**ASSIGNMENT:**
Only the total should be returned: the number of lines in the data that hold the string "inches".

── SUPPLIED RECORDS

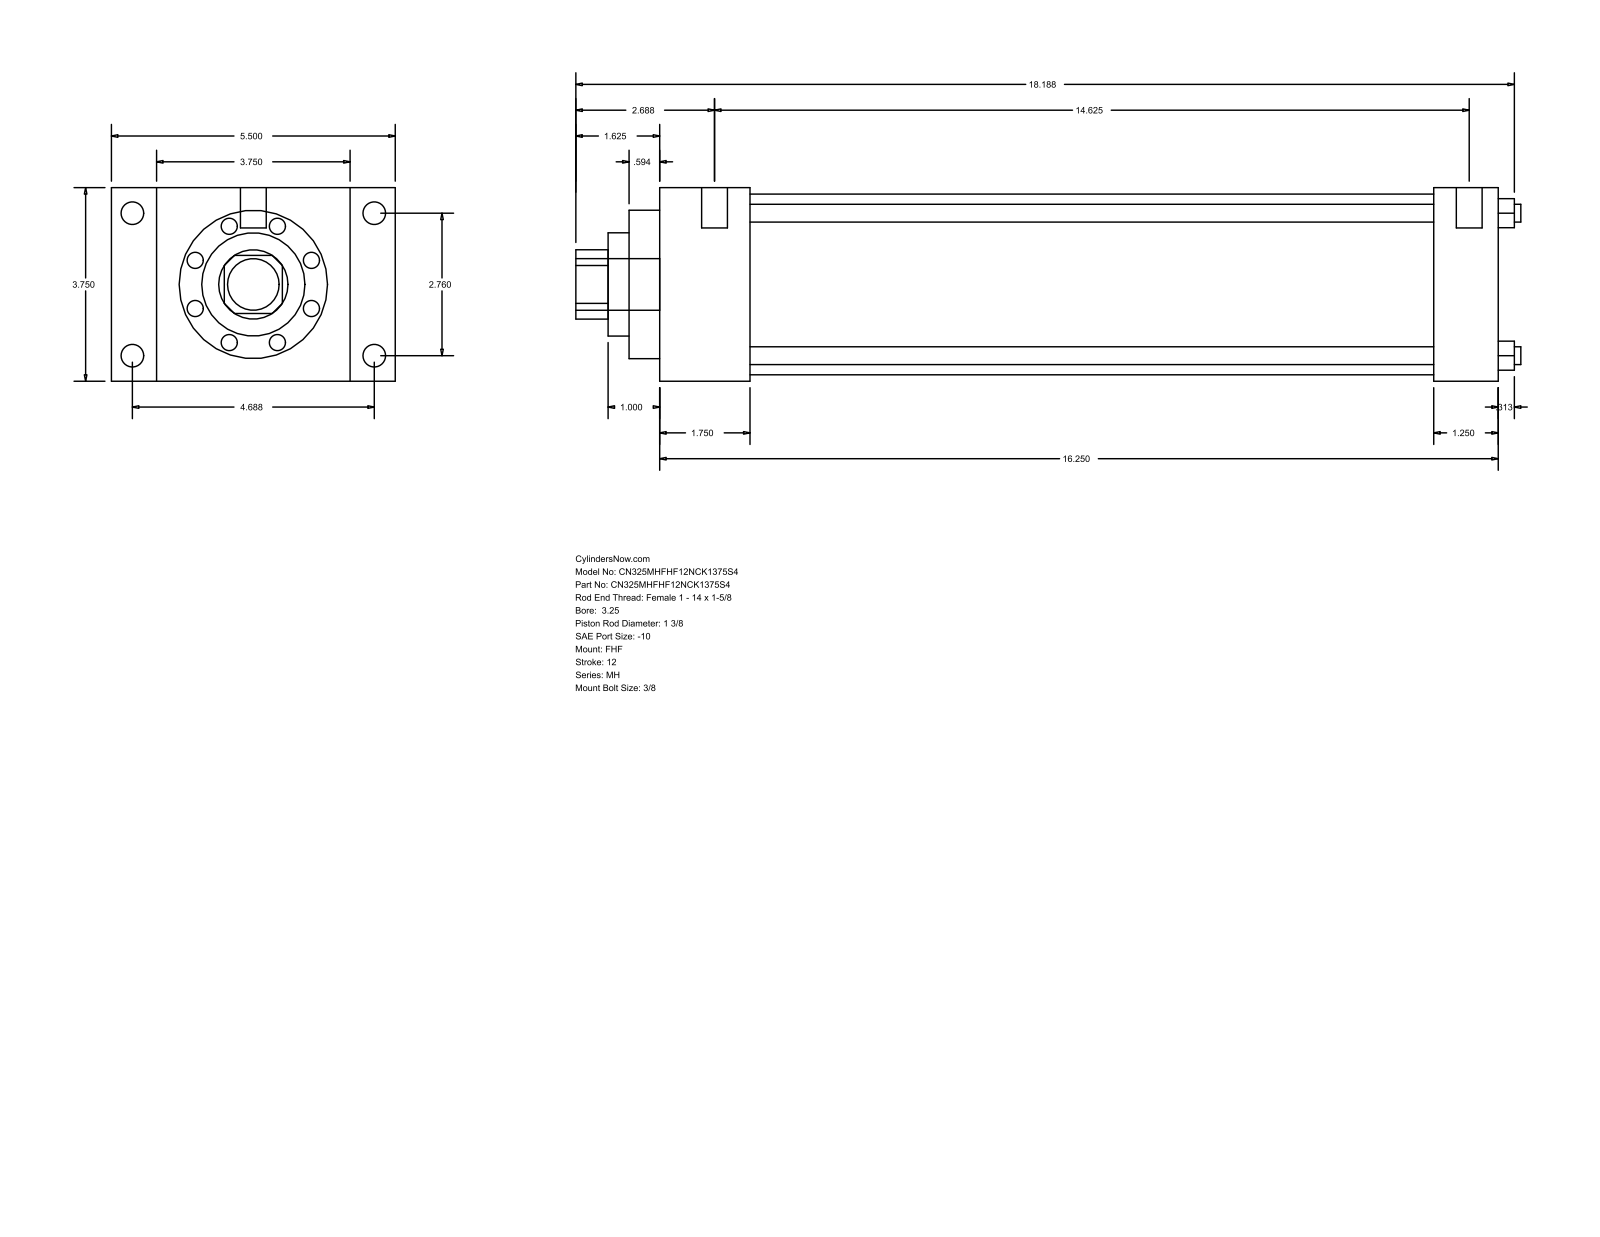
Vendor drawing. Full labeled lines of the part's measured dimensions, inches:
Part name (STEP PRODUCT): MH_FHF__0325_1.375
STEP written by: GSSL Pune (CONFIG_CONTROL_DESIGN)
Units: inches
Bodies: 0 solids, 90 faces (61 planar, 29 cylindrical, 0 other)
Overall size (bounding box): 18.313 × 5.5 × 3.75
Round holes (diameter × count): ⌀0.345 ×4, ⌀1.375 ×1, ⌀2 ×1, ⌀2.875 ×1, ⌀3.5 ×1
Round bosses / shafts (diameter × count): ⌀0.438 ×4, ⌀0.219 ×4, ⌀0.5 ×2, ⌀1 ×1
Partial cylindrical surfaces — rounded edges, fillets, slot ends (radius × count): R0.672 ×1
Main face-to-face distances: 3.75, 16.25, 1.75, 14.5, 0.875, 4.625, 5.5, 15, 13.25, 1.25
Hole centre spacings: 1.952, 2.76, 3.903
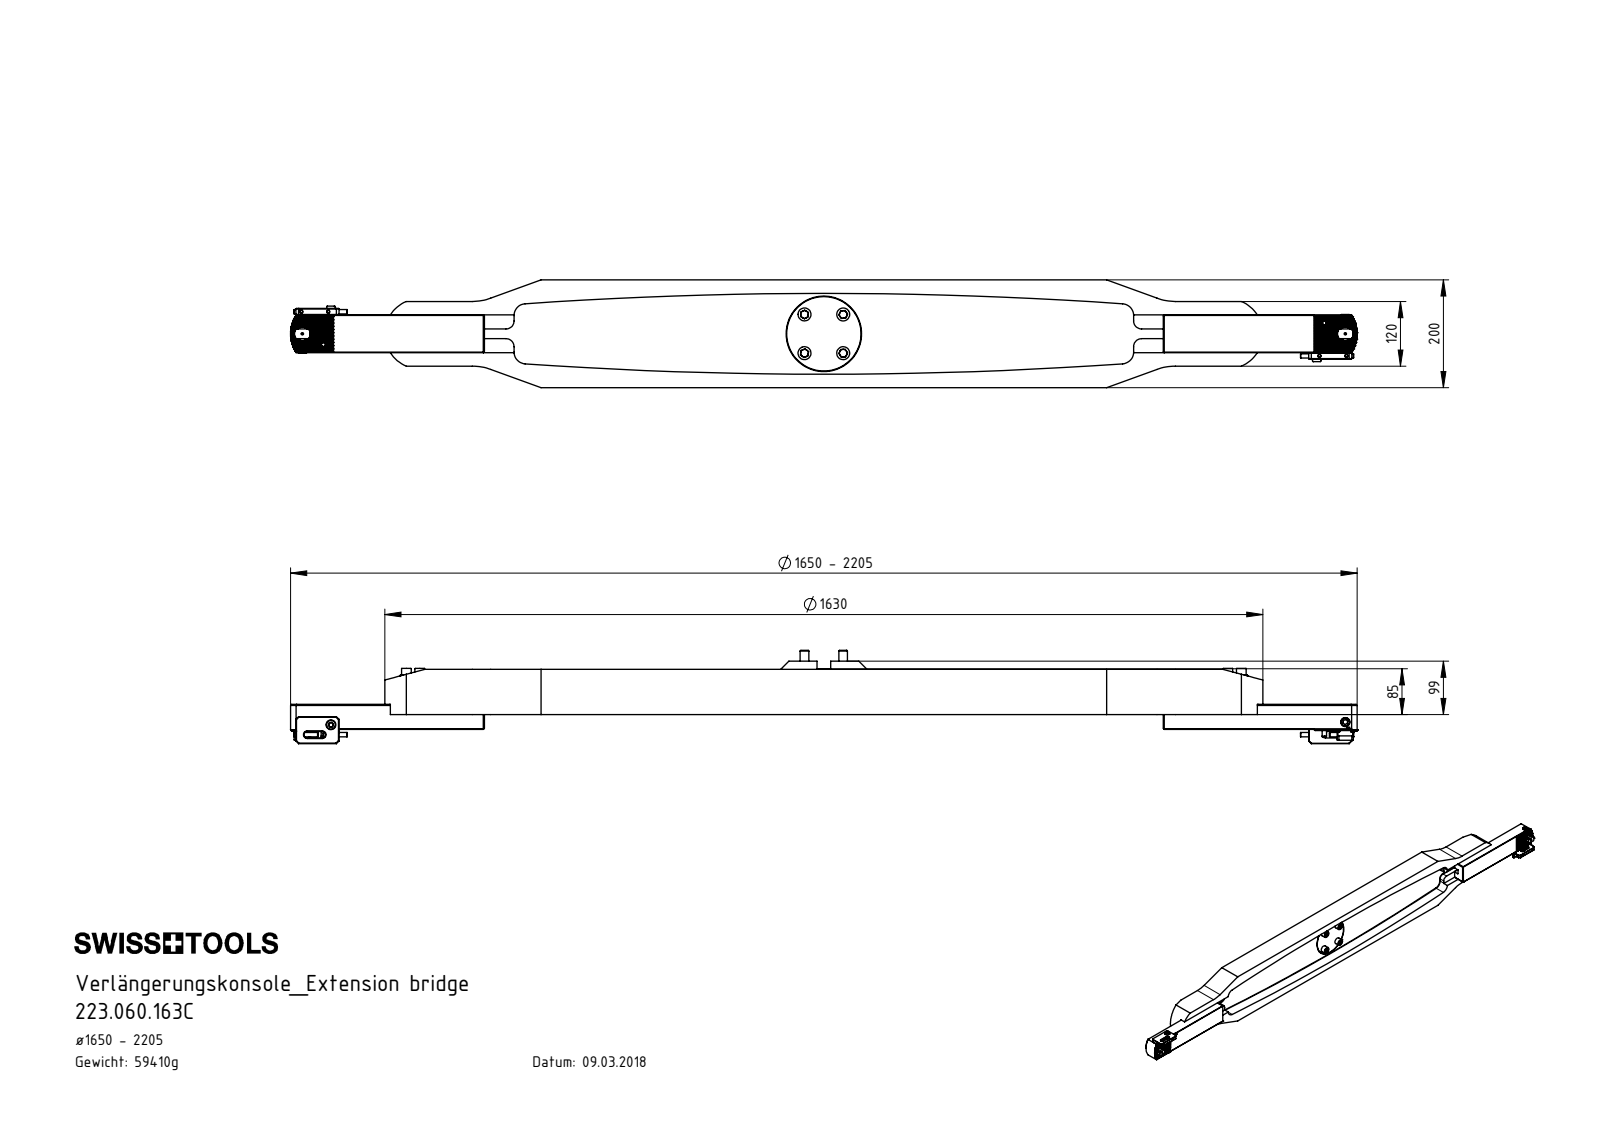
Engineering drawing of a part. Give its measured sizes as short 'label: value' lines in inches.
name: 223.060.163C; VK3-VK1.360.048; ISO 4026 - M8 x 45; VK1-ER7.001.012_A (+8 more)
written by: SolidWorks 2017 (CONFIG_CONTROL_DESIGN)
unit: in
bodies: 46 solids, 2145 faces (916 planar, 736 cylindrical, 493 other)
size: 77.953 × 7.874 × 6.811
volume: 1 042 in³; area: 2 320 in²
holes: 42× ⌀0.709, 40× ⌀0.402, 16× ⌀0.512, 4× ⌀0.197, 4× ⌀0.236, 4× ⌀0.268, 4× ⌀0.472, 4× ⌀0.669, 2× ⌀0.079, 2× ⌀0.315, 2× ⌀0.335, 2× ⌀0.413
bosses: 12× ⌀0.945, 8× ⌀0.63, 4× ⌀0.472, 2× ⌀0.394, 2× ⌀0.315, 1× ⌀5.433
rounds: 33× R0.006, 22× R0.079, 12× R0.866, 6× R0.591, 4× R0.059, 4× R0.217, 4× R0.236, 4× R0.315
face distances: 1.26, 2.559, 0.512, 1.772, 2.795, 3.307, 1.535, 7.874, 1.575, 5.315
hole spacings: 0.984, 1.857, 1.969, 2.521, 1.575, 2.953, 3.346, 57.087
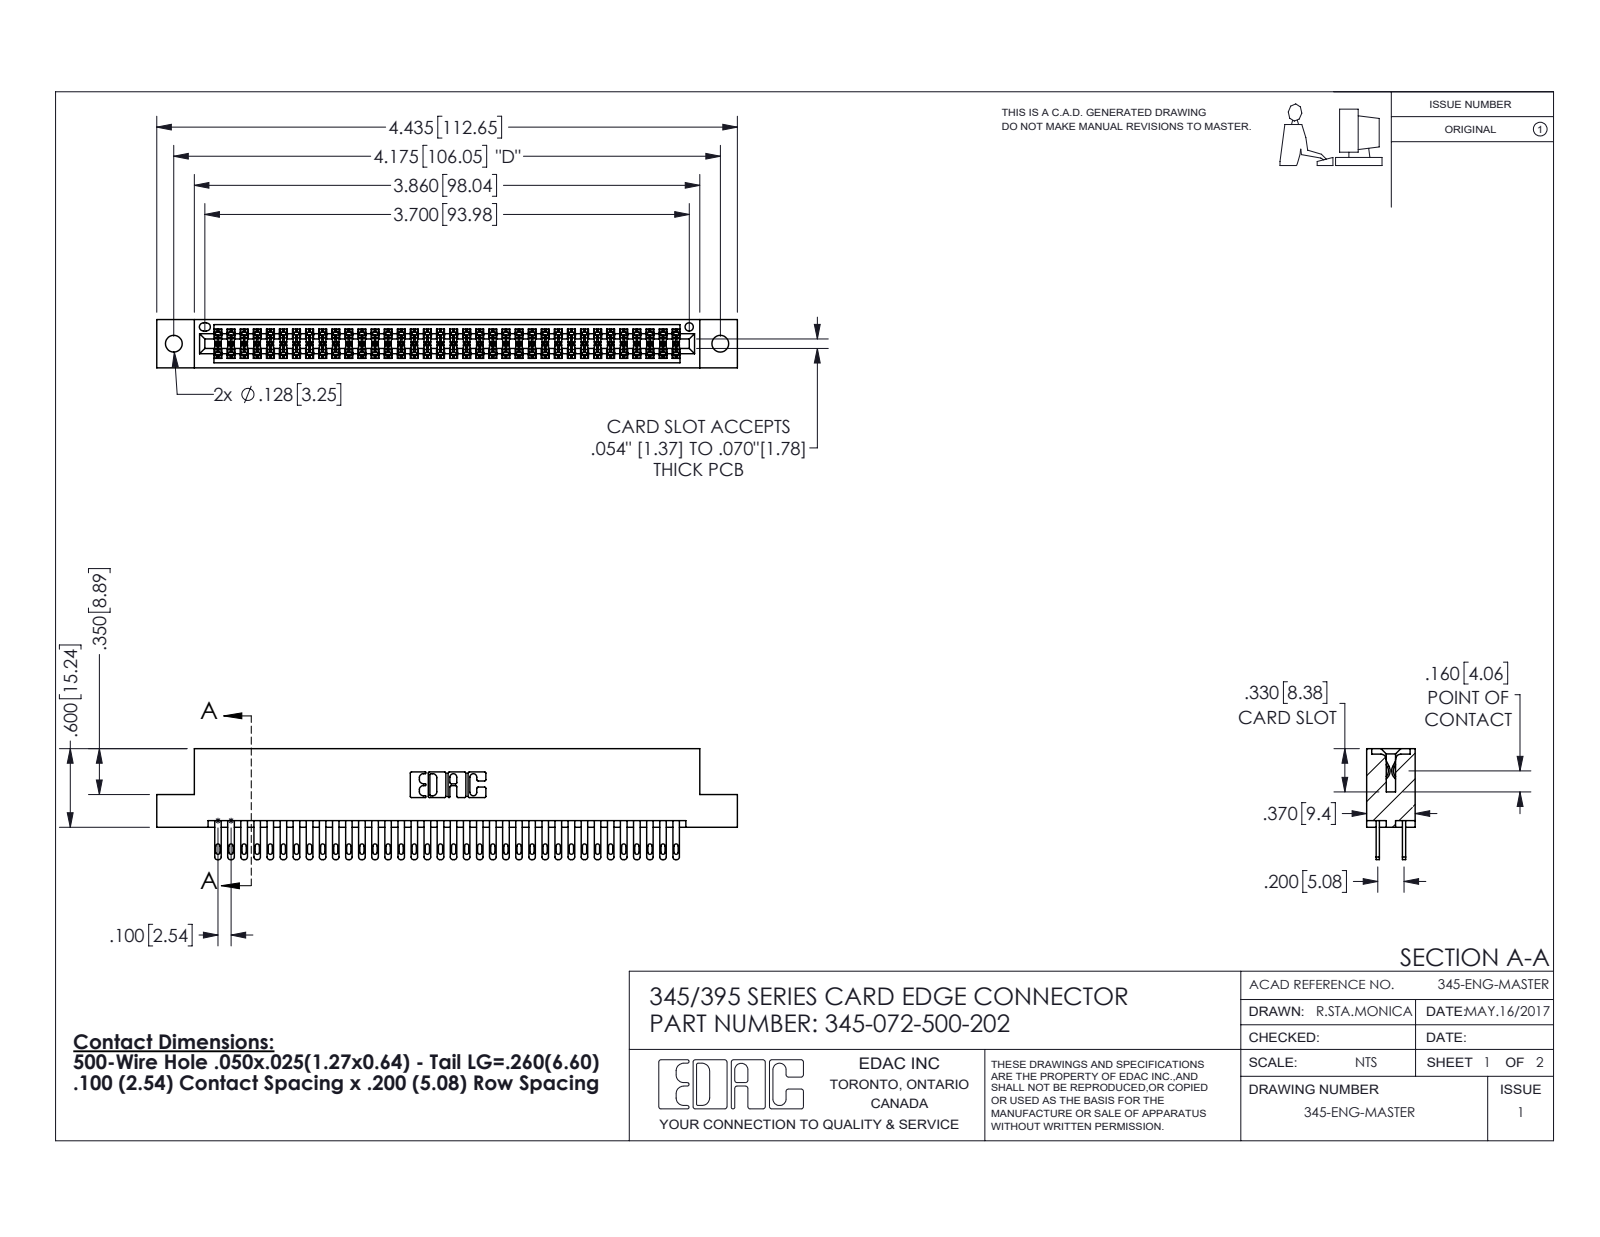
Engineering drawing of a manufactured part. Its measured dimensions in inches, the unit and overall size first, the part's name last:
Units: inches
Overall size (bounding box): 4.435 × 0.847 × 0.37
Round holes (diameter × count): ⌀0.128 ×2, ⌀0.064 ×1
Partial cylindrical surfaces — rounded edges, fillets, slot ends (radius × count): R0.006 ×108, R0.016 ×72, R0.02 ×72, R0.01 ×22, R0.007 ×6, R0.031 ×6, R0.026 ×3, R0.014 ×2
Main face-to-face distances: 0.298, 0.072, 0.2, 0.098, 0.272, 0.025, 0.37, 0.225, 0.175, 0.149
Hole centre spacings: 0.27, 3.939, 4.175
Volume: 0.676 in³ · Surface area: 25.9 in²
Bodies: 73 solids, 3438 faces (2024 planar, 1414 cylindrical, 0 other)
Part name (STEP PRODUCT): 345-072-500-202; 345-292-001_345-293-100; 345 Part_Flush Mounting Lugs - 0.128 Dia
STEP written by: SolidWorks 2016 (CONFIG_CONTROL_DESIGN)

────

**WRITTEN SOLUTION:**
5